How to complete this task => In the data that follows, count each line with the string "Plot"; the reply is the number only.

[Source data]
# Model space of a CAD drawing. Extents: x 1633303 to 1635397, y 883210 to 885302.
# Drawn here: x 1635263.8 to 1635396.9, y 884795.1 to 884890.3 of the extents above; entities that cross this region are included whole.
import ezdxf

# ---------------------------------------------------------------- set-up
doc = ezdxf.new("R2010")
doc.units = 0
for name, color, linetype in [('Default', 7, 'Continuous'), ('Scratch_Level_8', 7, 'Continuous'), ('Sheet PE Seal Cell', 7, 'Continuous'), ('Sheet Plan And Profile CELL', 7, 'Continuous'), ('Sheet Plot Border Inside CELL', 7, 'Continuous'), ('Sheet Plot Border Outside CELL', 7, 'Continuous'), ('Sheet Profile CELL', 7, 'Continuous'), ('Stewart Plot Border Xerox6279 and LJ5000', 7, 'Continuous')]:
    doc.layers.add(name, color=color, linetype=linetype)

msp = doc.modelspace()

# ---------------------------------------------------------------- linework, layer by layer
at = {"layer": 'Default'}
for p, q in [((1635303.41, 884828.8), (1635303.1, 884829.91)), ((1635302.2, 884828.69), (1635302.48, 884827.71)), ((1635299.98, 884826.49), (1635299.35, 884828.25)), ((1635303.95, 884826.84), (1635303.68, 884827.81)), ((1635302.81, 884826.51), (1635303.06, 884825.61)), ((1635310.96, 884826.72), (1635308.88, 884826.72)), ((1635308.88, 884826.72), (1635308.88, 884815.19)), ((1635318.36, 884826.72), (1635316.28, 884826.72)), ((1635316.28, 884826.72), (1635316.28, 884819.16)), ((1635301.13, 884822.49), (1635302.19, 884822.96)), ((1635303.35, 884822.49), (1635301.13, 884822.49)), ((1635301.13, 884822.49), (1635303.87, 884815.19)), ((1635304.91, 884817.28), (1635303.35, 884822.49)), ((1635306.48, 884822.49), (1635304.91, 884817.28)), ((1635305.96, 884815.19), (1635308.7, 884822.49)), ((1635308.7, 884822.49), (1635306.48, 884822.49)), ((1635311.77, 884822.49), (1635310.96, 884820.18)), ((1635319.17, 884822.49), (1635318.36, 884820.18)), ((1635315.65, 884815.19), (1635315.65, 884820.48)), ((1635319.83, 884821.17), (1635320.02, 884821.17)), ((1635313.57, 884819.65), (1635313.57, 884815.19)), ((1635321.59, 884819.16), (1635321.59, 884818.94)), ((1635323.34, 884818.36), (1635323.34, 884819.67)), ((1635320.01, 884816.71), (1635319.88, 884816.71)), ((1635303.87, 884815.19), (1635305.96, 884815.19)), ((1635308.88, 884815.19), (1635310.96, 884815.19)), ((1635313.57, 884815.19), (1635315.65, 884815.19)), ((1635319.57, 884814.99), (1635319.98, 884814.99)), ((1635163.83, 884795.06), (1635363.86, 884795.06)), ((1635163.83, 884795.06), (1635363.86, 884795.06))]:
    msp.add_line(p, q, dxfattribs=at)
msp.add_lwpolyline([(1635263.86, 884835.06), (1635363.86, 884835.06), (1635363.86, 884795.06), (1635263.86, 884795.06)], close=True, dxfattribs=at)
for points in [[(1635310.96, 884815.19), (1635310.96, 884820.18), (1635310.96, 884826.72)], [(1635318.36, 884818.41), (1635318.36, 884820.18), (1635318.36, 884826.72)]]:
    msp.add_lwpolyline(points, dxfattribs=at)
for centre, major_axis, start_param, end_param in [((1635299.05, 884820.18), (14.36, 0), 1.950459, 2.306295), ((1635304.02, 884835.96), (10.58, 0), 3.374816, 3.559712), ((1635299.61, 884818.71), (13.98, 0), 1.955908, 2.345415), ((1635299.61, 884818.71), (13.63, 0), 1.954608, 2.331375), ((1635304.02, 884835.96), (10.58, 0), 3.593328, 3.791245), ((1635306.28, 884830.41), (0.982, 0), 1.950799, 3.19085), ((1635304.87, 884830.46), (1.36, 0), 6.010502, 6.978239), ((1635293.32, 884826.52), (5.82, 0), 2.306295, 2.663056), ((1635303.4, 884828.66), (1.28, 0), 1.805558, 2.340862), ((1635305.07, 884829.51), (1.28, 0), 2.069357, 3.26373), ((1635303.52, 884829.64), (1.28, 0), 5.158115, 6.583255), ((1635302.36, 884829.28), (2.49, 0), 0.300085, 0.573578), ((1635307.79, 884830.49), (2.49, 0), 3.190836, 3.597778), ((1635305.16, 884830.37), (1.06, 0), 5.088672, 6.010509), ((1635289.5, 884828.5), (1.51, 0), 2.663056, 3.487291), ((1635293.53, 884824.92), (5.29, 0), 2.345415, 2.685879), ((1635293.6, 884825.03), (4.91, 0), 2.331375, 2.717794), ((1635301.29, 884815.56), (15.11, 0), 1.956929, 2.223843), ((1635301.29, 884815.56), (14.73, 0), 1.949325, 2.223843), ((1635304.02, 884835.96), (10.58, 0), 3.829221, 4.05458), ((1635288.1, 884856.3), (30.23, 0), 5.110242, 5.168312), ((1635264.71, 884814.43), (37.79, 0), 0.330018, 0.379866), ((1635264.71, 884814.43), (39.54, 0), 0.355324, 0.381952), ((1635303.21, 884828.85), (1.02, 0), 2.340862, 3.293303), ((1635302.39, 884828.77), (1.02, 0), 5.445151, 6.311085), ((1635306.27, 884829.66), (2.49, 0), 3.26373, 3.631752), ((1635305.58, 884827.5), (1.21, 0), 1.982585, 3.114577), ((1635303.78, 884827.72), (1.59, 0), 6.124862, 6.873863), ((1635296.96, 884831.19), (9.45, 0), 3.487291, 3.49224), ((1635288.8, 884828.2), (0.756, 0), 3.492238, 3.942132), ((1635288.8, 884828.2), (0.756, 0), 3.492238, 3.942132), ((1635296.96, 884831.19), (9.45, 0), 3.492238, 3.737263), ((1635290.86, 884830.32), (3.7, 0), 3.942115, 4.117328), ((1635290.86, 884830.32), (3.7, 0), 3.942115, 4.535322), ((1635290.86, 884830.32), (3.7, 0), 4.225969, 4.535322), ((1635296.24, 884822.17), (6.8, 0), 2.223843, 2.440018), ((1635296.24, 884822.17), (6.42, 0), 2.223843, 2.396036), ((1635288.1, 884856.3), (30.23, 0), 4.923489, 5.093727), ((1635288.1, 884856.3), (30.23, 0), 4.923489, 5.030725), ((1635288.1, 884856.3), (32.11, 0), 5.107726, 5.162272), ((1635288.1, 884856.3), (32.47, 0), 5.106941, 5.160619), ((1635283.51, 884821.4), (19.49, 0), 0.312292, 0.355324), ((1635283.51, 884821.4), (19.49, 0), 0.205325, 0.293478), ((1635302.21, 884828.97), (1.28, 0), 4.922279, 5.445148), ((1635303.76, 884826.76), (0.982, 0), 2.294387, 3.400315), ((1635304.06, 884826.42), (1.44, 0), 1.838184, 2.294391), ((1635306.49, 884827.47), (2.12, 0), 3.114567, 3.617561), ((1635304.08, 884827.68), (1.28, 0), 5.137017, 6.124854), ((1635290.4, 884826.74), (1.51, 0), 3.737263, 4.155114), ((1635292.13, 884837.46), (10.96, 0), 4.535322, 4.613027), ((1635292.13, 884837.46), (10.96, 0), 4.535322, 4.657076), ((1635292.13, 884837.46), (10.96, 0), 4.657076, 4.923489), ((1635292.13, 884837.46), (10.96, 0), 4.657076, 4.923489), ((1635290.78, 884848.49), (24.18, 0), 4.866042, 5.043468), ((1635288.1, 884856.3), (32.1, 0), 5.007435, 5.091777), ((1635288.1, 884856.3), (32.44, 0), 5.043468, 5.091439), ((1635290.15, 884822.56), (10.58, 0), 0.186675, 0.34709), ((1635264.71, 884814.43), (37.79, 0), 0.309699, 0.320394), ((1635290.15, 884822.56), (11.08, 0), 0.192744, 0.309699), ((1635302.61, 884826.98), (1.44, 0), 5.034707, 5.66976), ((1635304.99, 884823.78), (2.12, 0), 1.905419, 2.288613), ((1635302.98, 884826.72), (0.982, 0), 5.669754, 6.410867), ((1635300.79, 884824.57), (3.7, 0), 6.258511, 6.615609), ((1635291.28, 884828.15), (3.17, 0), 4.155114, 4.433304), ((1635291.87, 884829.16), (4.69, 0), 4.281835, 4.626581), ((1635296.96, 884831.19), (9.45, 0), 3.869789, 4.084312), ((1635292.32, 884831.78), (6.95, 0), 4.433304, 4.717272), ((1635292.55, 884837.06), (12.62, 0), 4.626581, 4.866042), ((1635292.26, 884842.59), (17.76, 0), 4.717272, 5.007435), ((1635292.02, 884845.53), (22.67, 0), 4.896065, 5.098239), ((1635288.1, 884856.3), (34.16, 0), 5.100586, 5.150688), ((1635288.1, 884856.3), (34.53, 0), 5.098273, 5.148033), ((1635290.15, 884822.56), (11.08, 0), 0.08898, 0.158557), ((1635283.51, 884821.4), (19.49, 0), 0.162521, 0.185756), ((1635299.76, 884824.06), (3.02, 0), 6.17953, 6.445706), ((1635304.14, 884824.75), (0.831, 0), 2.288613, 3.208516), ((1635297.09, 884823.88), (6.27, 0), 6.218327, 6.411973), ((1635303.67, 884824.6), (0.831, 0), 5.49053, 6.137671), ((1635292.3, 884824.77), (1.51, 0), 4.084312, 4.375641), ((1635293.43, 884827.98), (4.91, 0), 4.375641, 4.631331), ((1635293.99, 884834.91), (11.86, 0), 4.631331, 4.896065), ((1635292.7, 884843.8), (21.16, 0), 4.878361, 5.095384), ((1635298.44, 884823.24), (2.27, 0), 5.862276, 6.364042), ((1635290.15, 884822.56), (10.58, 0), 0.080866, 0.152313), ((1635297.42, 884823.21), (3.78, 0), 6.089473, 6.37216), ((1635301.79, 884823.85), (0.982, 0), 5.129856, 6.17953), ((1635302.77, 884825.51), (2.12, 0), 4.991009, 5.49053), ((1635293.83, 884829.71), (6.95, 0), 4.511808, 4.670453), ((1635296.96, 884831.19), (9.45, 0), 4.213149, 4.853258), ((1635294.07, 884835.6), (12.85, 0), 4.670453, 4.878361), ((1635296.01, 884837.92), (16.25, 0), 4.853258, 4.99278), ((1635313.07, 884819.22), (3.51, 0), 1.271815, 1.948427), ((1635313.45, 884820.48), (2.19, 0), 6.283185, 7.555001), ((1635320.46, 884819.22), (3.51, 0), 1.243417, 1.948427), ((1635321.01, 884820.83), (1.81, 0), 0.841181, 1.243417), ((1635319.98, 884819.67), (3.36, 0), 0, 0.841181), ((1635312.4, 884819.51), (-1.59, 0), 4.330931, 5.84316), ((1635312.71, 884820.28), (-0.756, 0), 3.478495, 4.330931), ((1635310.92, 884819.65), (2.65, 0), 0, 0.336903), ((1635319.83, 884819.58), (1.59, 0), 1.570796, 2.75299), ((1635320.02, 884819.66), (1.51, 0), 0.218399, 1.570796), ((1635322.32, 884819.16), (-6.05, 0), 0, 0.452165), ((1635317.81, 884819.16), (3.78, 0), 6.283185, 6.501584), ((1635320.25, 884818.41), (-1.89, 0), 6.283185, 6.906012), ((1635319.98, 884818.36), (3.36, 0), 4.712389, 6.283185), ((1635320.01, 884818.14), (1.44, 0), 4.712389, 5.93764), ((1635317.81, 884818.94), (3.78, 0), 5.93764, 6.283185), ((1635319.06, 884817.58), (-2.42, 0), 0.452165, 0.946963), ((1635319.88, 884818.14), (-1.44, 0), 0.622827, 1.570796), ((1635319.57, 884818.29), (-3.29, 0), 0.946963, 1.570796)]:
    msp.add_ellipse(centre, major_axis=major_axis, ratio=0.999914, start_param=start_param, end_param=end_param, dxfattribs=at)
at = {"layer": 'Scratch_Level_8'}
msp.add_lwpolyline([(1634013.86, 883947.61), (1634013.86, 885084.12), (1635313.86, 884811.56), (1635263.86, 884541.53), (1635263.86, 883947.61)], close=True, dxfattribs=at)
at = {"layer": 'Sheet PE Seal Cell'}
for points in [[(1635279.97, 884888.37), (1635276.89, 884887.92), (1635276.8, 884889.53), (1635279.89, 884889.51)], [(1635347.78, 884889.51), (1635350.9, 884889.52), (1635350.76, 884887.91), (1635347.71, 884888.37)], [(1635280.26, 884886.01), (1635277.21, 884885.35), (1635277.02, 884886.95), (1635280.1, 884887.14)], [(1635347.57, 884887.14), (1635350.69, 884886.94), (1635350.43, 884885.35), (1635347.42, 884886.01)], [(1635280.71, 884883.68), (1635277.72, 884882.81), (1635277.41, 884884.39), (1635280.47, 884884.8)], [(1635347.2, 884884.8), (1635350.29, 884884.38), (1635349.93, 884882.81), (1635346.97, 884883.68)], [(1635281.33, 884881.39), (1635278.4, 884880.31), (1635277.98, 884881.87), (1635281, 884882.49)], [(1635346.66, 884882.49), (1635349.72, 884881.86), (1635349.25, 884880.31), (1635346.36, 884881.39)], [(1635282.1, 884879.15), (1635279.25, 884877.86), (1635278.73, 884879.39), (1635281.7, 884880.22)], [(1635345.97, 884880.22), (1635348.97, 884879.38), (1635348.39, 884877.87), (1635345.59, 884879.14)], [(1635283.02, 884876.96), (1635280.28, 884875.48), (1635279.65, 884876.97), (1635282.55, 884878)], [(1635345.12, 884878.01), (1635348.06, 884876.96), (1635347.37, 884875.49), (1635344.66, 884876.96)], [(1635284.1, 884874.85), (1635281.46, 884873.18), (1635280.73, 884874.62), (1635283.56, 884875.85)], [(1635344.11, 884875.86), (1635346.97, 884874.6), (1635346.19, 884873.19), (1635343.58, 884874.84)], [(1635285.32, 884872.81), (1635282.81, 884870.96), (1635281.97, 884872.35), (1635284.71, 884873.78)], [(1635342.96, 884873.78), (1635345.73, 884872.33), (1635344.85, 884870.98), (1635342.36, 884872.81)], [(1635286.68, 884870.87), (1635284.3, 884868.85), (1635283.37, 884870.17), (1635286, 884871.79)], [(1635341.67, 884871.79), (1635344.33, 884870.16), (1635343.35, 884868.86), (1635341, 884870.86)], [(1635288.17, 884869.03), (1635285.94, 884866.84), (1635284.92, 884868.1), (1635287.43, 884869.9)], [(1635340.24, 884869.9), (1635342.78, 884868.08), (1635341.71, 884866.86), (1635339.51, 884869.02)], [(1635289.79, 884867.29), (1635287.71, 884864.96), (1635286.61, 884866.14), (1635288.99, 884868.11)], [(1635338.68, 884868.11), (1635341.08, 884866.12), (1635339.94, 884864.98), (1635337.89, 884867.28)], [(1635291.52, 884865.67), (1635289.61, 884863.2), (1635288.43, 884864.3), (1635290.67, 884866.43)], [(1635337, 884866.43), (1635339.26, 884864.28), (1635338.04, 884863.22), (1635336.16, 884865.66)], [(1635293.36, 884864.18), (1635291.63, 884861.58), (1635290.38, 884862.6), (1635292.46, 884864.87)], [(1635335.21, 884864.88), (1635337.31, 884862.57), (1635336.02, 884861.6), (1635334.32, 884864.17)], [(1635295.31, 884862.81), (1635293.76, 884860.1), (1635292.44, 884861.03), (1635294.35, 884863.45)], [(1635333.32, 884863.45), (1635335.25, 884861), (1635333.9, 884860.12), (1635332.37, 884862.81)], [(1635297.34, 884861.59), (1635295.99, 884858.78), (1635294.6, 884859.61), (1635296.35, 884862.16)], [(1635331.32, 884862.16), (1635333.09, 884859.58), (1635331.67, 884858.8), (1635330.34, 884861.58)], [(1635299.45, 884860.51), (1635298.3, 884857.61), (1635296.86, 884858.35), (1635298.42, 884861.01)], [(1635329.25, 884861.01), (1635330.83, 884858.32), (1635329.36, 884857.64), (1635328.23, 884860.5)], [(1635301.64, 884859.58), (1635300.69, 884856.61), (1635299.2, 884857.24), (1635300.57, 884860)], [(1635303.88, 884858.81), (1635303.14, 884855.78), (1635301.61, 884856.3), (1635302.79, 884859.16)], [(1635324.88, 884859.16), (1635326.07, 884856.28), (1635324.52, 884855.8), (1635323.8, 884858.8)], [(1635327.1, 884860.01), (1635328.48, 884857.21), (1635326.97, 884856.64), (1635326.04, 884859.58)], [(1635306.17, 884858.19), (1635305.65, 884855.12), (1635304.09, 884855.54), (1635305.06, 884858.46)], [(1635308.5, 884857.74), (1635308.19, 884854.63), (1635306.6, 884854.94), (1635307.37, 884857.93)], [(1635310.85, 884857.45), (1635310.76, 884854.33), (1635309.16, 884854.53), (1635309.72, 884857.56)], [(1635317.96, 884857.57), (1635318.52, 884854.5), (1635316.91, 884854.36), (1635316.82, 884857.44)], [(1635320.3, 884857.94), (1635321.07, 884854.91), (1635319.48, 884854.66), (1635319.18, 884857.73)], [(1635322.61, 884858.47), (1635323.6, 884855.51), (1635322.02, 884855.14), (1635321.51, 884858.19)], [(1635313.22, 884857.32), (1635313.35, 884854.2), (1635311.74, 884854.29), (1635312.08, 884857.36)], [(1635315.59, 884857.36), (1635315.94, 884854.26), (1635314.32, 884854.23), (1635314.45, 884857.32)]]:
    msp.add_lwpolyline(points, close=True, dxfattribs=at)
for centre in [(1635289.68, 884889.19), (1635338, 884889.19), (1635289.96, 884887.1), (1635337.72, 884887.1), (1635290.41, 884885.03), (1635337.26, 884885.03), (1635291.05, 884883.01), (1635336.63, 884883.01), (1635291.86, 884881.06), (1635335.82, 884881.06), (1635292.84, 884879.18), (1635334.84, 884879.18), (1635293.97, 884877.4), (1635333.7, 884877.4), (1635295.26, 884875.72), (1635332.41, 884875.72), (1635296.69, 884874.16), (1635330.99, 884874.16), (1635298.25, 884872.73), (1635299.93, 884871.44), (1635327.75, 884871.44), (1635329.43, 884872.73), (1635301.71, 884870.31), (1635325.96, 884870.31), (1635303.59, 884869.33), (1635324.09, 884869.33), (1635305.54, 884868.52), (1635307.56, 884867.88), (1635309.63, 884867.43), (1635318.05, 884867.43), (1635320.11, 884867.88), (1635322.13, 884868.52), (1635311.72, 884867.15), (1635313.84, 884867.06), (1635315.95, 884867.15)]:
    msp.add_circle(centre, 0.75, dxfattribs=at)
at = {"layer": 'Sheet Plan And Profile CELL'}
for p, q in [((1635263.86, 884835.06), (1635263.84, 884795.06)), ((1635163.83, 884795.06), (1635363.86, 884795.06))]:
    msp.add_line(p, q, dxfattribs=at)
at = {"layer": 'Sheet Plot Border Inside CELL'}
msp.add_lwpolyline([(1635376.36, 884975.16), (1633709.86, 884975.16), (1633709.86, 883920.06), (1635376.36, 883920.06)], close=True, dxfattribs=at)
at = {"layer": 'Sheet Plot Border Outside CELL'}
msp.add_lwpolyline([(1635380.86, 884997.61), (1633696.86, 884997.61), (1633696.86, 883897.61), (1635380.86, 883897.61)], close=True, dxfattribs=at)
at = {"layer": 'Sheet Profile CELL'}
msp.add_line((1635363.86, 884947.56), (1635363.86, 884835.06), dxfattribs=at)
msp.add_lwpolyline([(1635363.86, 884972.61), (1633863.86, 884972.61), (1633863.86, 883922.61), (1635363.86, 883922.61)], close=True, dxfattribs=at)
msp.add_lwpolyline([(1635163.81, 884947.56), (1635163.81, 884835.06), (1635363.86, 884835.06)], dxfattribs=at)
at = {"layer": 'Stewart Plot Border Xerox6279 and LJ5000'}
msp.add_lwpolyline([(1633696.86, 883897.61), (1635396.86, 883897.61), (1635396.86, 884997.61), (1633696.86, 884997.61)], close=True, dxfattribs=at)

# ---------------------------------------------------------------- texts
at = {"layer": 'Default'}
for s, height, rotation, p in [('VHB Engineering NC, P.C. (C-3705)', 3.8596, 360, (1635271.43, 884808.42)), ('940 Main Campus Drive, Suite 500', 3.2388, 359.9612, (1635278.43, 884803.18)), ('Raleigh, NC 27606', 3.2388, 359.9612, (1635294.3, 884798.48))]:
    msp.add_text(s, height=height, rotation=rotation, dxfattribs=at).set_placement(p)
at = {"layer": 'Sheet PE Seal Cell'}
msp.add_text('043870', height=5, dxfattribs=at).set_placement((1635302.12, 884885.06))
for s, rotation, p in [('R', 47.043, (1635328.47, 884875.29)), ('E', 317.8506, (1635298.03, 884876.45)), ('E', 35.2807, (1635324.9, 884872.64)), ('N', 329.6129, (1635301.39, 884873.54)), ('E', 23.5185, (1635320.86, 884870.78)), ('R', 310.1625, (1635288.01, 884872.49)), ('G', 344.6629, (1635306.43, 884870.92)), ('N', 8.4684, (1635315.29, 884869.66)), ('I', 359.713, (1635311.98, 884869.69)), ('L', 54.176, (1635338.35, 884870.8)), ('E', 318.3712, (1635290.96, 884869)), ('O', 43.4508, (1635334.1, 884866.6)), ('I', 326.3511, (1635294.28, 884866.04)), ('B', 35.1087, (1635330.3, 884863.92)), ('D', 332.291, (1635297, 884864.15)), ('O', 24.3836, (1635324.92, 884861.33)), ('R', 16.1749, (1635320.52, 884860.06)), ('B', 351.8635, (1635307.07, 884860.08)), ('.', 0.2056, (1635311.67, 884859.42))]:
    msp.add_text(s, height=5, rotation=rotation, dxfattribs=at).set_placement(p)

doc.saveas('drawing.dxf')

Task answer => 4